Definitely the closer together slats on the inside.


----------



## janeen128 (Dec 31, 2012)

I would never have thought to use pallets for fencing, what a clever idea.... Closer the slats the better. I used pallets for the pens in the barn, and one wasn't close enough together and the smaller ones got through. 

How are you attaching them together? Screws?


----------



## Erik_L (Nov 27, 2012)

I'm starting by tying them together with 4 strand 20 gauge wire I bought at Lowes. I don't want to make the perimeter too permanent. I plan to expand the area, so want to be able to take down a side or two with the least amount of difficulty. I have plenty of trees, as you can see from the picture, so I'm going to use those as temporary posts.


----------



## pixie (Dec 30, 2012)

Be sure to check them thoroughly for loose or cracked boards and projecting staples and nails. Definitely close slats toward inside of pen. Be very careful of dropped pieces of wire. Good luck! Keep an eye out for goats that may try to get their heads through the slats.


----------



## HoosierShadow (Apr 20, 2010)

What a clever idea! We use pallets for everything! We built our barn out of them lol Knowing our goats, DEFINITELY put the closer together slats on the inside, or your goats will be climbing on the fence a lot. 

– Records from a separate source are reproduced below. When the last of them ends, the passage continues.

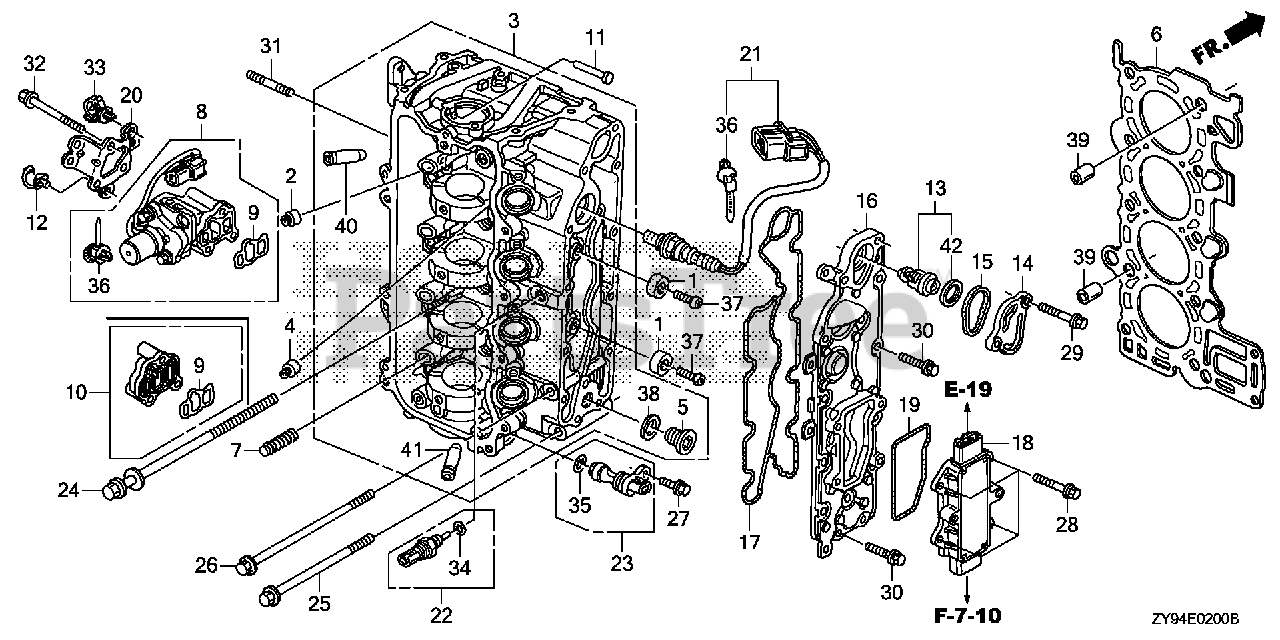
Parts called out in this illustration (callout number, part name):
1	METAL, ANODE
2	SEAL A, VALVE STEM (NOK)
3	CYLINDER HEAD *NH8* (DARK GRAY)
4	SEAL B, VALVE STEM (NOK)
5	BOLT, SEALING (20MM)
6	GASKET, CYLINDER HEAD
7	MOTION, LOST
8	VALVE ASSY., SPOOL *NH8* (DARK GRAY)
9	FILTER ASSY., SPOOL VALVE
11	LIFTER, FUEL PUMP
12	CLAMP B, FUEL TUBE
13	THERMOSTAT ASSY.
14	COVER, THERMOSTAT
15	O-RING, THERMOSTAT COVER
16	COVER, WATER JACKET
17	GASKET, EX. WATER JACKET COVER
18	RECTIFIER ASSY., REGULATOR
19	GASKET, REGULATOR
20	BRACKET D, HARNESS CLIP
21	SENSOR, OXYGEN
22	SENSOR ASSY., WATER TEMPERATURE
23	SENSOR ASSY., TDC
24	BOLT-WASHER (9X155)
25	BOLT, FLANGE (8X95)
26	BOLT, FLANGE (8X110)
27	BOLT, FLANGE (6X16)
28	BOLT, FLANGE (6X20)
29	BOLT, FLANGE (6X35)
30	BOLT, FLANGE (6X22)
31	BOLT, STUD (8X32)
32	BOLT, FLANGE (6X55)
33	CLIP, HARNESS
34	O-RING (9.5X1.9)
35	O-RING (15X1.9)
36	CLIP, HARNESS BAND (145MM) (BLACK)
37	SCREW, PAN (6X18)
38	WASHER, DRAIN PLUG (20MM)
39	PIN, DOWEL (14X20)
40	GUIDE, VALVE (OVER SIZE)
41	GUIDE, EX. VALVE (OVER SIZE)
42	RUBBER, RING
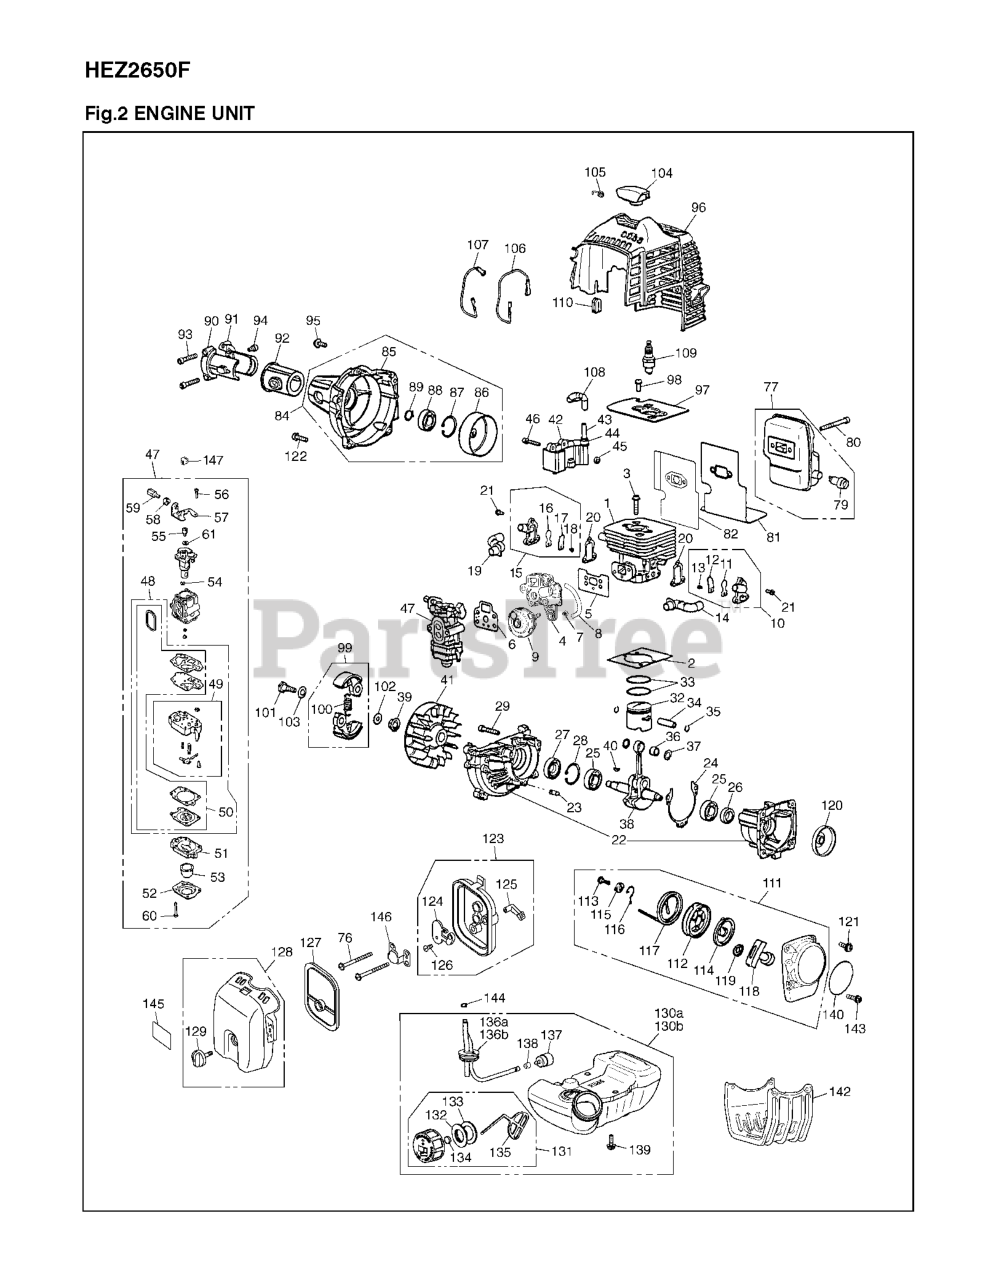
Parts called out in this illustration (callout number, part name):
1	CYLINDER
2	GASKET, BASE
3	BOLT
4	INSULATOR
5	GASKET, INSULATOR
6	GASKET, CARB (RPLS T155113131)
9	PUMP ASSY
10	AIR CHECKER (S) ASSY
11	REEDVALVE
14	PIPE AIR (S)
15	AIR CHECKER (F) ASSY
16	REEDVALVE
19	PIPE AIR (F)
20	GASKET, VALVE
21	BOLT
22	CRANKCASE-C
23	PIN
24	GASKET.CASE
27	SEAL
34	PIN (RPLS T151341310)
38	CRANKSHAFT COMP(RPLS481042000)
39	NUT
40	KEY
44	CAP
45	SPACER
47	CARBURETOR ASSY
48	REBUILD KIT
49	CARBURETOR BODY
50	GASKET KIT
51	BODY CARB
52	1OVER
54	RING
55	SWIVEL
56	SCREW
57	BRACKET
58	NUT
59	ADJUSTER
61	WASHER
79	ARRESTER
82	PLATE, MUFFLER
84	COVER-C
85	COVER.FAN
90	BRACKET(A)-24
91	BRACKET(B)-24
96	COVER, ENGINE
107	CORD.EARTH
108	TUBE (RPLS 263072210)
109	PLUG CMR7H
111	RECOIL-A
114	SPRING, SPIRAL
115	COLLAR
116	SWING ARM
119	PLATE.STOPPER
122	BOLT
123	BODY, CLEANER
124	PLATE, CHOKE
126	SCREW
127	ELEMENT
128	COVER ASSY
129	Cleaner Knob
130	TANK ASSY
132	HOLDER-A
136	PIPE-C
136	PIPE COMP
137	FILTER
138	CLIP
140	LABEL, RECOIL
144	CLIP

I'd get some scrap pieces of wood that are strong, and at least lay them across the front of every other pallet and nail them together to help secure them from the outside as well as using the wire. That will help keep them from shifting them at all, and scrap wood you could just pull off when you were ready to expand


----------



## sweetgoats (Oct 18, 2007)

Can't wait to see it when it is finished.


----------



## janeen128 (Dec 31, 2012)

sweetgoats said:


> Can't wait to see it when it is finished.


Ditto here!


----------



## oletimer (Mar 18, 2013)

I've used them and you don't want the slats on the inside any further apart than 2-2.5 inches. At 3" a goat can use it as a step and pole vault themselves over the fence.


----------



## Erik_L (Nov 27, 2012)

Thanks oletimer. I'll remember that.

Erik_L (goat owner wanna-be) sent this from his iPhone using GoatSpot.


----------



## spot (Jan 7, 2012)

if you take the narrow slats vertical they provide less holds as steps. 

I also figured out that nails don't hold enough. its better to tie the palettes together. hay strings or wire.


----------



## adriHart (Nov 1, 2012)

spot said:


> if you take the narrow slats vertical they provide less holds as steps.
> 
> I also figured out that nails don't hold enough. its better to tie the palettes together. hay strings or wire.


Hay strings break! My goats chew them loose and then push them so the movement rubs the twine thin. Then they fall. Just my experience.


----------



## nursehelg (Jul 5, 2012)

I have seen them used before. I usually break them down and use the boards from them to build stuff. Wood is so expensive and pallets are usually free for the taking so I like frugal farming!I agree you should place them with the boards going vertical. They cant get a hold to climb over that way. Good luck!


----------



## Erik_L (Nov 27, 2012)

I am contemplating placing the slats vertically. I'll have to try it to determine how well they'll tie together. I'll post some pictures of my attempts. It's supposed to rain this weekend ☔ but I think I can get out between raindrops. 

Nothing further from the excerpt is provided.